A plausible explanation for different activation rates relies on the robustness of the organic linker, which should be imparted by the −R group for two main aspects. The first is that the −Me moiety from IFP-5 infers hydrophobic character to the MOF pores, repelling water and preventing the structural degradation.[71] As a second reason, the degradation might depend on the different rate in the hydrolysis of the −R group in the C2 position of the imidazolium moiety, which is expected to be easier for the −OMe group than for the −Me one.[46] An indirect proof for this was already found for the basic treated samples (Figure S7, vide supra). Once the hydrolysis occurs, the successive oxidative imidazolium ring-opening mechanism might be the most favored event under those conditions even at room temperature, as well described by Elabd et al.[46,72]

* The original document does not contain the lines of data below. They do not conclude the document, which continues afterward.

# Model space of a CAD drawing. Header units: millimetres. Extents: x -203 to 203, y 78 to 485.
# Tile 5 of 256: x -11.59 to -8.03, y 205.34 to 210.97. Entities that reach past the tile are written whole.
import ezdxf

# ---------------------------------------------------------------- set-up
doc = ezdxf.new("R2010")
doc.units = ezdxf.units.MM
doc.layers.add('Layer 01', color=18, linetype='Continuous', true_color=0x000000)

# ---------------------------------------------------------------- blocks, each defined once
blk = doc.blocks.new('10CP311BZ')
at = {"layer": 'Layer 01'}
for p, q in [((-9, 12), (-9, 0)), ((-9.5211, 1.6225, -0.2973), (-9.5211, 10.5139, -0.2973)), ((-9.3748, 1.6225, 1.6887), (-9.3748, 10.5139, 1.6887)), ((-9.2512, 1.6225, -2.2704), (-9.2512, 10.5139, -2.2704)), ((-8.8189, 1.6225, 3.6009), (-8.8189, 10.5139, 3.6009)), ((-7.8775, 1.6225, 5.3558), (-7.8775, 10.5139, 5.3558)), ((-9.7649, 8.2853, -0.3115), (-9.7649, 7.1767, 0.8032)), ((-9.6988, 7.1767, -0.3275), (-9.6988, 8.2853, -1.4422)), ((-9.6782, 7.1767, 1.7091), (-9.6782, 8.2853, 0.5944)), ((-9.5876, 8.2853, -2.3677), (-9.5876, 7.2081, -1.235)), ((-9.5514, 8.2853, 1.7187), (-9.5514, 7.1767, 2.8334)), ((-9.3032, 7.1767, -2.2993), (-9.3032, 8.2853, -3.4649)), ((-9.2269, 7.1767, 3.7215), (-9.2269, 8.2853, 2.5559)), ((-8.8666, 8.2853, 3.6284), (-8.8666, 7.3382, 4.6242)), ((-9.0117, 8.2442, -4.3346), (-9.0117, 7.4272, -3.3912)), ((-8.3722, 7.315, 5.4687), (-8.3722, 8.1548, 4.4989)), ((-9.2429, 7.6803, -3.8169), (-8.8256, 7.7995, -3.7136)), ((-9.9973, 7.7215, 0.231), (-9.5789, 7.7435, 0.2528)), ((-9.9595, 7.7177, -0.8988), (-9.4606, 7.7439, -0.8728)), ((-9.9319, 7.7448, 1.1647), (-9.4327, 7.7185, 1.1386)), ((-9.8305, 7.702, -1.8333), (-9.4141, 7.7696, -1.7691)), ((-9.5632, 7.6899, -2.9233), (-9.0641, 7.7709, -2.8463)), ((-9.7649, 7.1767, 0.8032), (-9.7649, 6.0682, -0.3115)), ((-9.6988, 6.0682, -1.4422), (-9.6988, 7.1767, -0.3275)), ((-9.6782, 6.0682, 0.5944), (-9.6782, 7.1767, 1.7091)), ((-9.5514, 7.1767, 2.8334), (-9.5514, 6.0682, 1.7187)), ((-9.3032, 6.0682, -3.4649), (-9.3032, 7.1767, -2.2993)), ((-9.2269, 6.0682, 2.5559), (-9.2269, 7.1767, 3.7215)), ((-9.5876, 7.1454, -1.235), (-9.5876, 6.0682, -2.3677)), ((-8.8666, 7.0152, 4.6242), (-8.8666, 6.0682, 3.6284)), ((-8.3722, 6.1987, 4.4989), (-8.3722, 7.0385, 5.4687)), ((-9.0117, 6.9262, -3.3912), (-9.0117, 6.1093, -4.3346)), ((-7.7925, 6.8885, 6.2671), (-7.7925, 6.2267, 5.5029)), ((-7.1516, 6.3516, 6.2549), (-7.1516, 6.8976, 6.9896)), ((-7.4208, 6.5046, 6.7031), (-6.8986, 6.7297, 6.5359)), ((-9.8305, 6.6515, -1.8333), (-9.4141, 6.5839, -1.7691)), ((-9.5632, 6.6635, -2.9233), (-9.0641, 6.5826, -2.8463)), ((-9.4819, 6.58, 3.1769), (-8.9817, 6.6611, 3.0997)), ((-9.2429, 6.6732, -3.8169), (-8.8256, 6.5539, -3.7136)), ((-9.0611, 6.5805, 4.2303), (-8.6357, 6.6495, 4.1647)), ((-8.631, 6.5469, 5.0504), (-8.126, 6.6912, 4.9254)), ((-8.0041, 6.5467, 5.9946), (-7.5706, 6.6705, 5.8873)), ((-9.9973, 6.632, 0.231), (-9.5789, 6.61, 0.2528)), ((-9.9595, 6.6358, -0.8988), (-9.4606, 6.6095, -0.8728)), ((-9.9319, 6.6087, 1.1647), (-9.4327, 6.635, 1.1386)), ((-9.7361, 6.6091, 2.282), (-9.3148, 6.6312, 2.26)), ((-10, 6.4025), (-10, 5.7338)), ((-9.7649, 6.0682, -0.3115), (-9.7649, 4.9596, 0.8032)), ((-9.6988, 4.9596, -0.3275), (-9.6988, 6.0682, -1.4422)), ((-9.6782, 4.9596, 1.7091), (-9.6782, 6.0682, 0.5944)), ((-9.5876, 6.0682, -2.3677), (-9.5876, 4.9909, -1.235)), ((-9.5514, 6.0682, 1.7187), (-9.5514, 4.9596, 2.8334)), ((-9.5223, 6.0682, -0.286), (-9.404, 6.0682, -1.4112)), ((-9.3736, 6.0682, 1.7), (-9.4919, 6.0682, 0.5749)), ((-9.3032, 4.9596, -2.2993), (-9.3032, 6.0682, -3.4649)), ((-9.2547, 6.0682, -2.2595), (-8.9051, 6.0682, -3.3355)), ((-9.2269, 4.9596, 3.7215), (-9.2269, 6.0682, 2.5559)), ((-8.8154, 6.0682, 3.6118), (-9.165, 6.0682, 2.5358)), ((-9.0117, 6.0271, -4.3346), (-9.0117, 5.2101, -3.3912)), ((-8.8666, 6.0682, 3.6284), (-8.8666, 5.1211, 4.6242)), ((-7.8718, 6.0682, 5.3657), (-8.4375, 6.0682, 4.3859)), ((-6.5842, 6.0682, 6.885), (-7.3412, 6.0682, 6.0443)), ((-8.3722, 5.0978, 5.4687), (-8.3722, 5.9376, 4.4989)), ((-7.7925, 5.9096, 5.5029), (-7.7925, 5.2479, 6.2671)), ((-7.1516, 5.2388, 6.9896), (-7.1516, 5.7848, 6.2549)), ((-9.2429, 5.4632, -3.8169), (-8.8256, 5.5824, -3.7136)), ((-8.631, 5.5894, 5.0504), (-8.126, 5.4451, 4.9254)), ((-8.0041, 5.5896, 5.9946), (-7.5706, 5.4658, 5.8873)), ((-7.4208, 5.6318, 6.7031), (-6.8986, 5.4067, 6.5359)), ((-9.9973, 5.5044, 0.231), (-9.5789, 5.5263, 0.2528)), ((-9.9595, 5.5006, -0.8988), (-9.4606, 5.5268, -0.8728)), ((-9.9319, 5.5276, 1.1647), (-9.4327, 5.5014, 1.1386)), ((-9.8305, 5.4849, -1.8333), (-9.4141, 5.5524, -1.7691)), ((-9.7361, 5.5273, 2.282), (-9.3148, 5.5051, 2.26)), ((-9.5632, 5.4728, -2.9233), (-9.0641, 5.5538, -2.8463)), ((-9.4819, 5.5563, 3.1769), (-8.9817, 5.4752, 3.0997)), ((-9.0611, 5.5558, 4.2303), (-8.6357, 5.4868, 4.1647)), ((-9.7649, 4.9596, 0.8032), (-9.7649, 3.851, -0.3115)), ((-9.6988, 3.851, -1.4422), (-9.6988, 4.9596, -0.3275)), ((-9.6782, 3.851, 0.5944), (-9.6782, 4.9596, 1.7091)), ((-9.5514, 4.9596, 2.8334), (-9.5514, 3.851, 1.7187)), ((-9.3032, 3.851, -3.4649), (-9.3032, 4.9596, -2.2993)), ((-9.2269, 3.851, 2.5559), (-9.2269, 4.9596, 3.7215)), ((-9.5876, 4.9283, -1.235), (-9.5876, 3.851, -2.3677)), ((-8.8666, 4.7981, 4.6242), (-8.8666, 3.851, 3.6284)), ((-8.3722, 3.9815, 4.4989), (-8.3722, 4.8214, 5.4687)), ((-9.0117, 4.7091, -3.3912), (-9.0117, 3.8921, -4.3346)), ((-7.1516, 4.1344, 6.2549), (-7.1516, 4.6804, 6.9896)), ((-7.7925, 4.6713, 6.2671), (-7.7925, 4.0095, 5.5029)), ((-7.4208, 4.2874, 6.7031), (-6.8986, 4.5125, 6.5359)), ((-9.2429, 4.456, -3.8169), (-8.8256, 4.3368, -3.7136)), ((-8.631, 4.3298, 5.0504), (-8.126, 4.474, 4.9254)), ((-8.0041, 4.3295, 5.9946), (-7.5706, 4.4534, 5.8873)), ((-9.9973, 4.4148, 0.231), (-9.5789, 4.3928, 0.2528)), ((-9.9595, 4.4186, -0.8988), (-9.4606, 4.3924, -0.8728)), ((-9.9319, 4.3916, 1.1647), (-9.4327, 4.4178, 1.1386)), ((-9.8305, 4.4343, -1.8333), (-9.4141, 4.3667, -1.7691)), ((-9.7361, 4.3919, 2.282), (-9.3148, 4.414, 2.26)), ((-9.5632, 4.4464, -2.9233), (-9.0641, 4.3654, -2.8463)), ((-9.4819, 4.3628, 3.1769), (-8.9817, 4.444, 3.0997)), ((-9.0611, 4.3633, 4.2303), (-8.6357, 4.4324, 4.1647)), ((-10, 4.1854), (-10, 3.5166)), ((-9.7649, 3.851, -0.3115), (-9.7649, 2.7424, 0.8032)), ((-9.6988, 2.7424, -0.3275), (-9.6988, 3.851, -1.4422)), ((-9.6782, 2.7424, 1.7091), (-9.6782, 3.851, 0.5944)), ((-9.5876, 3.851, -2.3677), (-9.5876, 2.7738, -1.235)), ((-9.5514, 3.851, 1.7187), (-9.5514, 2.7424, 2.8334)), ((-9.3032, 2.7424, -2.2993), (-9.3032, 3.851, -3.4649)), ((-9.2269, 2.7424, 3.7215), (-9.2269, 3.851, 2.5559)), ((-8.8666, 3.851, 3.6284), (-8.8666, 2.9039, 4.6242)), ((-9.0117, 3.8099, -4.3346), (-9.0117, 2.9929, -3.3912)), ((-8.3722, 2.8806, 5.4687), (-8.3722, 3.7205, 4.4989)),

In this sense, the −R group modulates the extent of conversion of the MOF into the active species. For IFP-8, the fast and complete degradation of the framework leads to a higher amount of the active species, and discrete particles became visible in TEM. During electrochemical tests, IFP-8 exhibited higher capacitance over IFP-5, indicating that the same active species forms more active sites (Figure S25c) with respect to its −Me analogue.

Conclusions

IFP materials are demonstrated to be competent electrocatalysts toward OER with quantitative Faradaic yield, and in particular, IFP-8 exhibits performances that exceed those of the majority of other Co-based MOFs, especially for its durability. The ex situ characterization indicates that the catalytic activity can be correlated with the formation of the active phase, suggesting that a key feature to achieve high performances consists in controlling the rate of the hydrolysis of the framework, which drives the conversion of the MOF into catalytically active Co(O)OH phase. Such a control can be achieved by combining the design of suitable ligands with labile groups that are able to optimize the growth, size, and electric connection of catalytic efficient Co(O)OH nanoparticles. We envision that the in-depth analysis reported would help to bridge the gap between the single-site molecular well-structured materials and aggregated systems, guiding the improvement of catalytic materials under highly demanding conditions such as the OER.